Harbour Drive residents fear Tropical Storm Gonzalo

July 23, 2020
The back of Sharee Newman’s home on Harbour Drive in Harbour View.
The back of Sharee Newman’s home on Harbour Drive in Harbour View.
The gully that runs behind some of the homes.
The gully that runs behind some of the homes.
 Sharee Newman
Sharee Newman

As Tropical Storm Gonzalo strengthens in the Atlantic and is expected to dump showers on the island by early next week, the residents of Harbour Drive in Harbour View, St Andrew, are fearful.

They said they are urging the authorities to fix the threat that they now face. Sharee Newman, whose house is at the entrance of the avenue, said she is 'scared' of the home she shares with her family.

"My house is eating away. I am afraid of living in my own home. There are days when I will be praying for rain because the time is so hot, and then reality kicks in and I know I really can't deal with the rain because the impact is not going to be good. The earth isn't solid and the back of my yard continues to be undermined. I really don't know how far it (the erosion) really is under my house. No one should be living like this, we pay our taxes," she said.

Newman said there is also a potential risk from a JPS pole that was partially unearthed by the water, and supported by what's left of her wall. In 2015, floodwater destroyed the perimeter walls at the back of her property, and that of her neighbour.

The channelling of water through a gully at the back of their homes has caused the earth to cave in, making a portion of the foundation of Newman's home visible.

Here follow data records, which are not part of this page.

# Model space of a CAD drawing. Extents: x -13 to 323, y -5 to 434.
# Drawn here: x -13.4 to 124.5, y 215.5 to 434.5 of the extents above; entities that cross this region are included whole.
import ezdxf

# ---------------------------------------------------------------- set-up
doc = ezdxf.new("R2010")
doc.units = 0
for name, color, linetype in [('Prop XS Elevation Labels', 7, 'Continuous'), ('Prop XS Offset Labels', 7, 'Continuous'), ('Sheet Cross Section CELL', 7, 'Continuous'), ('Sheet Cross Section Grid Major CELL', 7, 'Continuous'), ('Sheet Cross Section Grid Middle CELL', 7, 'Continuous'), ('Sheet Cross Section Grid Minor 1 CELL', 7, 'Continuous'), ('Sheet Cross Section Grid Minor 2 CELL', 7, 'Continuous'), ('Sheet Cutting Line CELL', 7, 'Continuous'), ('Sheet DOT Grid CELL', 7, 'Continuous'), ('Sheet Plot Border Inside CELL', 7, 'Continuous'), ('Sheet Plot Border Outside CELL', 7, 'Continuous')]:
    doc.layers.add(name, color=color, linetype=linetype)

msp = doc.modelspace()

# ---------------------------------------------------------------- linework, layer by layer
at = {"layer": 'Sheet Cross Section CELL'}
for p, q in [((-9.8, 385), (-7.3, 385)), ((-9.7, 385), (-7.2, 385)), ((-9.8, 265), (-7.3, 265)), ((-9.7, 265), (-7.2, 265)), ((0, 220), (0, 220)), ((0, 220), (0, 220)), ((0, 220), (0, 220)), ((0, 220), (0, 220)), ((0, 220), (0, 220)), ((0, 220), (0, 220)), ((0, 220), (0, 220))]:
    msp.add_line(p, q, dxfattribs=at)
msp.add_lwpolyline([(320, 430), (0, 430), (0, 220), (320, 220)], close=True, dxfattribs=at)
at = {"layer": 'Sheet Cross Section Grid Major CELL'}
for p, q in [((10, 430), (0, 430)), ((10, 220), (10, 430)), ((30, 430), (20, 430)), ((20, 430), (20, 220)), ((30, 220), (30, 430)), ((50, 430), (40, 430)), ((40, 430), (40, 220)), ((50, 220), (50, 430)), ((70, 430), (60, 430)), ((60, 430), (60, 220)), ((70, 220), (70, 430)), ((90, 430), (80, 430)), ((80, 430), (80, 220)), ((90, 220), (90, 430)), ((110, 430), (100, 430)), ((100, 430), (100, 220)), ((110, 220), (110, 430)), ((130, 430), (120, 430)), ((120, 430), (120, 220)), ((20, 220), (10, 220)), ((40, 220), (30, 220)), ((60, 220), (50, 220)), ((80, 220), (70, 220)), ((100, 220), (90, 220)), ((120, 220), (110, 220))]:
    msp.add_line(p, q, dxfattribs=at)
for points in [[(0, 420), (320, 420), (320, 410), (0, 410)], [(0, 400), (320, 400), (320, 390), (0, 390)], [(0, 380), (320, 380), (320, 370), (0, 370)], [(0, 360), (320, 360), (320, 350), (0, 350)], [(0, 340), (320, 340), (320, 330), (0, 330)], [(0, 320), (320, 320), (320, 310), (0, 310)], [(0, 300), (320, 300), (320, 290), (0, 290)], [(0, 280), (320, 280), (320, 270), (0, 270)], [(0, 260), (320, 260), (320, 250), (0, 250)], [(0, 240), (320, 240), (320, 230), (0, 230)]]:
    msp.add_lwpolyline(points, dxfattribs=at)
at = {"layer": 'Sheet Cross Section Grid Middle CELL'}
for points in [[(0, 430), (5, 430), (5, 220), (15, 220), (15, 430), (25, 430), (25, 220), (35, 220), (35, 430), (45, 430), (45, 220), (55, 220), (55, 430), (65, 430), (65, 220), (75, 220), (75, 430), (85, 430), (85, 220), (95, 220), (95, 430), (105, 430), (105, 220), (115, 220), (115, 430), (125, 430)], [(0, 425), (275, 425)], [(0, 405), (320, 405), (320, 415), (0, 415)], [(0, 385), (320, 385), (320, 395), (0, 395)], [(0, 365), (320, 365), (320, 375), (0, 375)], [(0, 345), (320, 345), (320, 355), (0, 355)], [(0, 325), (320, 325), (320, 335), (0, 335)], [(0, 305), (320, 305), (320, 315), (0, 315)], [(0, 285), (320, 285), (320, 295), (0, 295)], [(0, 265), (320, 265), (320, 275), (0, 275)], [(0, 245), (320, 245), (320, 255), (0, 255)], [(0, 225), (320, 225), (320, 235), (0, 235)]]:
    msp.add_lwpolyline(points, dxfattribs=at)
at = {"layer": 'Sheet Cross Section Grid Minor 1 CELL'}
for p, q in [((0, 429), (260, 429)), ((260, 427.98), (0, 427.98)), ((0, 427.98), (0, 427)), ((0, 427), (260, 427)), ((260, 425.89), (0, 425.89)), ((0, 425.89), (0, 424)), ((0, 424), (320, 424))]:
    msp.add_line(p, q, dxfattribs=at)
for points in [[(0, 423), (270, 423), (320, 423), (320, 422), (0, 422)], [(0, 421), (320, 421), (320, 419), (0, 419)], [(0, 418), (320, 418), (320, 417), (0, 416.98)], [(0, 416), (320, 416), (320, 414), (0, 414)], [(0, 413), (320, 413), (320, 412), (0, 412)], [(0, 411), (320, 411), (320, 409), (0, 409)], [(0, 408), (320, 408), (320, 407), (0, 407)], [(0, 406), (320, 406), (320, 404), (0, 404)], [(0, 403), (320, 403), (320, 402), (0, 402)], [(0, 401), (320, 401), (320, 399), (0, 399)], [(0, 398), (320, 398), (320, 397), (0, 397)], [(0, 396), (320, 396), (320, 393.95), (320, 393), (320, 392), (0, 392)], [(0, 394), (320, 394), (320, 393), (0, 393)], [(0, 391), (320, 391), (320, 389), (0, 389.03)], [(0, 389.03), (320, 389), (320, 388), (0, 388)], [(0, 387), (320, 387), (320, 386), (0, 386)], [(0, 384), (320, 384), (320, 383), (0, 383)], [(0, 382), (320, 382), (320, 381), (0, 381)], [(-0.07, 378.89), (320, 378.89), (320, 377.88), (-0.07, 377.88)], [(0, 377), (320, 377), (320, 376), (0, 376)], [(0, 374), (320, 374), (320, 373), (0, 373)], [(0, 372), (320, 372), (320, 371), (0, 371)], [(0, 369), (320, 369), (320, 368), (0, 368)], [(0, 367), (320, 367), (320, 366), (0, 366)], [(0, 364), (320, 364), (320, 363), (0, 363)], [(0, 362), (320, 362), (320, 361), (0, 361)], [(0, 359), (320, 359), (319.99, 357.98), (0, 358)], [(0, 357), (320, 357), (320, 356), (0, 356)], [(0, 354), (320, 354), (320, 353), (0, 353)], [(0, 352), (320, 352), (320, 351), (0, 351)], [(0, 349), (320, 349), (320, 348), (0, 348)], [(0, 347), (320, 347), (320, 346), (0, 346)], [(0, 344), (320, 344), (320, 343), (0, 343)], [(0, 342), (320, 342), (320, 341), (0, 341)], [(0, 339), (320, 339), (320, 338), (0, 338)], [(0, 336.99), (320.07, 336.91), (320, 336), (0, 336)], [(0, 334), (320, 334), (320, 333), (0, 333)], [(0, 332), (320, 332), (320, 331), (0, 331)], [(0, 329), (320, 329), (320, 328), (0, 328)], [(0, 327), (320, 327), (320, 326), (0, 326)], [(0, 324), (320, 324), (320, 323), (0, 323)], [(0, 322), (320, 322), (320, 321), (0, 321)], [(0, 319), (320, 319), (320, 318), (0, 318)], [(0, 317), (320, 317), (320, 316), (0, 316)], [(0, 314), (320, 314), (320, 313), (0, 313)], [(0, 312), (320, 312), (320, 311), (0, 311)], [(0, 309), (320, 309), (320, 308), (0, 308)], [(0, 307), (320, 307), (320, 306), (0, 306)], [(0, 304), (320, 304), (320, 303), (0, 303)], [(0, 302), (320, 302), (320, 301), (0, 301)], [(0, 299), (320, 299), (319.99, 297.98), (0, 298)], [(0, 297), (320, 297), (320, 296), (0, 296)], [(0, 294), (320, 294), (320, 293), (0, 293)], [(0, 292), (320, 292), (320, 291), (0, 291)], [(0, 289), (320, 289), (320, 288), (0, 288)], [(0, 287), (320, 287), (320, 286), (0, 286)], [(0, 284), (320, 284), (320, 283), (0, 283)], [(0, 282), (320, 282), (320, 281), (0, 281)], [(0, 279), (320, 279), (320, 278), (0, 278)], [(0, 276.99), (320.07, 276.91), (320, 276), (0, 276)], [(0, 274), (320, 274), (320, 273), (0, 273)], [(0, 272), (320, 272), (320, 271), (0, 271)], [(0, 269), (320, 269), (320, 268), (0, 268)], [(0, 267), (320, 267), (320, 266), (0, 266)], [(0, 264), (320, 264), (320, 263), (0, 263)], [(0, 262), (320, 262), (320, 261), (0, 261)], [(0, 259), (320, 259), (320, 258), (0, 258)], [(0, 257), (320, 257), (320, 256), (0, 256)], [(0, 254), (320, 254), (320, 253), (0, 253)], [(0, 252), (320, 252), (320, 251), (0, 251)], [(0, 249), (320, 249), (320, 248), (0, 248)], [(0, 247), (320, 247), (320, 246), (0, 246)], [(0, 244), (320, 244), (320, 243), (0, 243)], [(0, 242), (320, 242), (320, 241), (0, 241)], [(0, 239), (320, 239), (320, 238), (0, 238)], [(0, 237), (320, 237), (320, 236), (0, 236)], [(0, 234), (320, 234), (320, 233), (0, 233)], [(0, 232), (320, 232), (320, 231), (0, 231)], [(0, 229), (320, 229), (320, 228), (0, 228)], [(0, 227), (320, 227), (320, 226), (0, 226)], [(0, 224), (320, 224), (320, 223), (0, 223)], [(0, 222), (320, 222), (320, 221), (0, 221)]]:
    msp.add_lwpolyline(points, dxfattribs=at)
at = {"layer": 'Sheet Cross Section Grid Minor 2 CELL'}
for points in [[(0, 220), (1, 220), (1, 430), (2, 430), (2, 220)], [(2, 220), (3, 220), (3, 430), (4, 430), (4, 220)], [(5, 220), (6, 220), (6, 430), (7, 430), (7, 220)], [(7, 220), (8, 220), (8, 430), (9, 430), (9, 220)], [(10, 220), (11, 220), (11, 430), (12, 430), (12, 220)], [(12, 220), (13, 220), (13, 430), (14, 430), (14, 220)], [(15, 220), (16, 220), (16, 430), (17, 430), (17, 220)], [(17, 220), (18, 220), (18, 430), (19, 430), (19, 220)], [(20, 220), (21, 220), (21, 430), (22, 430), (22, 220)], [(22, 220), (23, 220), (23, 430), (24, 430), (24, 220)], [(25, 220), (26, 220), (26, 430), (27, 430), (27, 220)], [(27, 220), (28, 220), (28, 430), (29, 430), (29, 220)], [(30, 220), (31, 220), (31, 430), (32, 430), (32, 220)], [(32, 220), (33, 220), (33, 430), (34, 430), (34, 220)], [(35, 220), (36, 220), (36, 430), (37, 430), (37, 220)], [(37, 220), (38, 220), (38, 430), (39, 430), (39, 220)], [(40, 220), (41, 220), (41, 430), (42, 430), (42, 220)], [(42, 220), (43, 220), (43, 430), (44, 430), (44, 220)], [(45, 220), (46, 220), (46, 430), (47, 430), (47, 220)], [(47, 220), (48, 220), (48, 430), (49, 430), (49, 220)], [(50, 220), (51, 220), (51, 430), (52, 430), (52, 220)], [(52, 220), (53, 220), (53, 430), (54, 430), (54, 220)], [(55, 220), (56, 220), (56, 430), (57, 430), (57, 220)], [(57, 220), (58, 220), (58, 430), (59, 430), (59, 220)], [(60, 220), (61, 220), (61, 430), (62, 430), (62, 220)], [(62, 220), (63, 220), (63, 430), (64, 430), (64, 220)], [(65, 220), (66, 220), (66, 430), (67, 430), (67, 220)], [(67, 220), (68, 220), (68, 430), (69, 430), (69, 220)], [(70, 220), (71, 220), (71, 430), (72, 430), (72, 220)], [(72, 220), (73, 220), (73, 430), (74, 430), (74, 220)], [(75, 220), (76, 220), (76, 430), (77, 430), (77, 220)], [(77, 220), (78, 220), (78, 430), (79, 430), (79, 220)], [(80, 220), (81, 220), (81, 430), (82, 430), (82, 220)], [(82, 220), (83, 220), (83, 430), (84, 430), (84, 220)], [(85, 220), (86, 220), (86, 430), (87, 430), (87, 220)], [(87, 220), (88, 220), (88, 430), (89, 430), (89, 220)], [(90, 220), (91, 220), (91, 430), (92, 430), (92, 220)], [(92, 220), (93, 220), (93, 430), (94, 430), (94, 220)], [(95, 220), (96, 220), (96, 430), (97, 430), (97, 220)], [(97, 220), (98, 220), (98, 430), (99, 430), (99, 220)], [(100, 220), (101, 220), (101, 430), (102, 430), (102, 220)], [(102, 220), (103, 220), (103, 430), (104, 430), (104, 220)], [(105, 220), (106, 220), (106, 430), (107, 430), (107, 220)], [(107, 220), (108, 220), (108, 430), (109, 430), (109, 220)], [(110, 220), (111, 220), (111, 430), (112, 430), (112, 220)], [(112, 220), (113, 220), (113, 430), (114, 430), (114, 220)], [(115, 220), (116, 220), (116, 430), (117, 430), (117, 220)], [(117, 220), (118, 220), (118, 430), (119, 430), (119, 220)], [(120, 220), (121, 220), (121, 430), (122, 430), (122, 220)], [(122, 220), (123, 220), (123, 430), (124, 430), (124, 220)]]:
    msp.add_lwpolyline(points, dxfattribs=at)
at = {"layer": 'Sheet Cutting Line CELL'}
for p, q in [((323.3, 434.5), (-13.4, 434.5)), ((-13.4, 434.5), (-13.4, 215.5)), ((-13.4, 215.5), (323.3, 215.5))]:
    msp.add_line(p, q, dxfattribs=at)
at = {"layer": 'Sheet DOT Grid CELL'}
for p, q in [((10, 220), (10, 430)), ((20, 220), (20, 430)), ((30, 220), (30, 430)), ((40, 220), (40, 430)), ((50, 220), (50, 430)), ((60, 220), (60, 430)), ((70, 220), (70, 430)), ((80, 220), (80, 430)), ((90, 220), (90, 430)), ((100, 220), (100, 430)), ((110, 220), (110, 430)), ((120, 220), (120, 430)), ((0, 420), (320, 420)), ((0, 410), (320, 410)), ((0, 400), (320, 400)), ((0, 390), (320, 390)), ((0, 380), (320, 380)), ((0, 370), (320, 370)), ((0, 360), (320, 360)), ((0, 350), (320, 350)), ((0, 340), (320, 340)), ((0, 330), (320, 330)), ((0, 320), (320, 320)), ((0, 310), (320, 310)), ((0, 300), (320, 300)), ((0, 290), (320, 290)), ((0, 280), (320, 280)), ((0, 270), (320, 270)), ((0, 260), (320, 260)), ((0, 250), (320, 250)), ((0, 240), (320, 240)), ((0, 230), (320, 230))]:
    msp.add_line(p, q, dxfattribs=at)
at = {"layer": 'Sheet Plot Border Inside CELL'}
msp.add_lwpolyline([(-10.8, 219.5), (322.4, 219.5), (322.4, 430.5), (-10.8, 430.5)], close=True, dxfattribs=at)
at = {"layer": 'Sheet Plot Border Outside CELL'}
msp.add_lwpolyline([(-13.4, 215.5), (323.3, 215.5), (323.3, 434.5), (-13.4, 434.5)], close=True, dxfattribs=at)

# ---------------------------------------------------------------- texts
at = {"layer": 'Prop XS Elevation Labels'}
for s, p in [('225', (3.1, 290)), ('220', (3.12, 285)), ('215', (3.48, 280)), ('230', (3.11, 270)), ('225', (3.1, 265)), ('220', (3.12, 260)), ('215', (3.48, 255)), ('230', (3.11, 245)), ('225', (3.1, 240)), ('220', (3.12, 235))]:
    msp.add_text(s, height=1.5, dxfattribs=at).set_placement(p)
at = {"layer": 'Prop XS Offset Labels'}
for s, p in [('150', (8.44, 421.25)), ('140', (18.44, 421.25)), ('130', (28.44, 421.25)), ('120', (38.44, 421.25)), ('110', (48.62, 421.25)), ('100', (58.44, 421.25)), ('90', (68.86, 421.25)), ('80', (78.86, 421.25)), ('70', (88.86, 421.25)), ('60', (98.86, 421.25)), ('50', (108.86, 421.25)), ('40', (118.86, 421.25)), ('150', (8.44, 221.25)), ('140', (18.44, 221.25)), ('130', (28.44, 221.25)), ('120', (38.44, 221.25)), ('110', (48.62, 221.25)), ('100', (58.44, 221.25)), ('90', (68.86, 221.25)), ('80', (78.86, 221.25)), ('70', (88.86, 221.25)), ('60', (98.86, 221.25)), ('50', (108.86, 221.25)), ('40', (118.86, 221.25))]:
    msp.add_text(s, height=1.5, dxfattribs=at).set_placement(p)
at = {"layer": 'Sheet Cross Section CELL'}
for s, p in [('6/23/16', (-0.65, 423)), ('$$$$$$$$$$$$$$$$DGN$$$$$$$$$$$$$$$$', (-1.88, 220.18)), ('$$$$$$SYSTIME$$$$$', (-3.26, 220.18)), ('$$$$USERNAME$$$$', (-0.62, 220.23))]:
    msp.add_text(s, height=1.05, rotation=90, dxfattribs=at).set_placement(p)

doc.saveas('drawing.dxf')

"We are affected in more ways than one. These mosquitoes love us over here bad. They take us for target practice. Health-wise, we have to be worried about COVID, dengue and other illnesses because of this gully. This gully needs to be treated. The water is just stagnant," she said.

Sonia Taylor has replaced her perimeter wall with a zinc fence, but says that she knows it will do very little should Tropical Storm Gonzalo develop into a hurricane and hit the island.

"Just hearing the water rushing behind the house is a scary feeling. Whenever I am praying I just ask God for enough rain to wet the earth. Every time we hear about a hurricane or even rain, we fret, because we just cannot prepare for it like others because no matter what we build, the gully take it way. We just can't deal with rain much less a storm now, so I am praying it just weakens or we are going to feel it," Taylor said.

Ethel Pete-Smith said she is praying continuously against Gonzalo.

"We can't deal with a hurricane as we are yet to recover from rainfall. Something needs to be done for the safety of the residents living here. We are law-abiding citizens paying our taxes and the gully wasn't built properly in the first place. All of what has been happening is man-made," she said.

Director of the National Meteorological Service, Evan Thompson, said with Gonzalo still outside the projection period they are uncertain about the amount of rainfall it may or may not produce.

"We can't tell if it will increase or decrease in intensity. All of that is up in the air so we not too sure yet what will happen outside of the first two days. Whether it turns or heads straight towards us, and in what state, is what will really determine the amount of rainfall that we get or may not get. We are hoping that it will produce significant rainfall and it quite likely will, because if it is downgraded and continues to head in this direction, we should get some rain even if we are on the fringes of it," he said.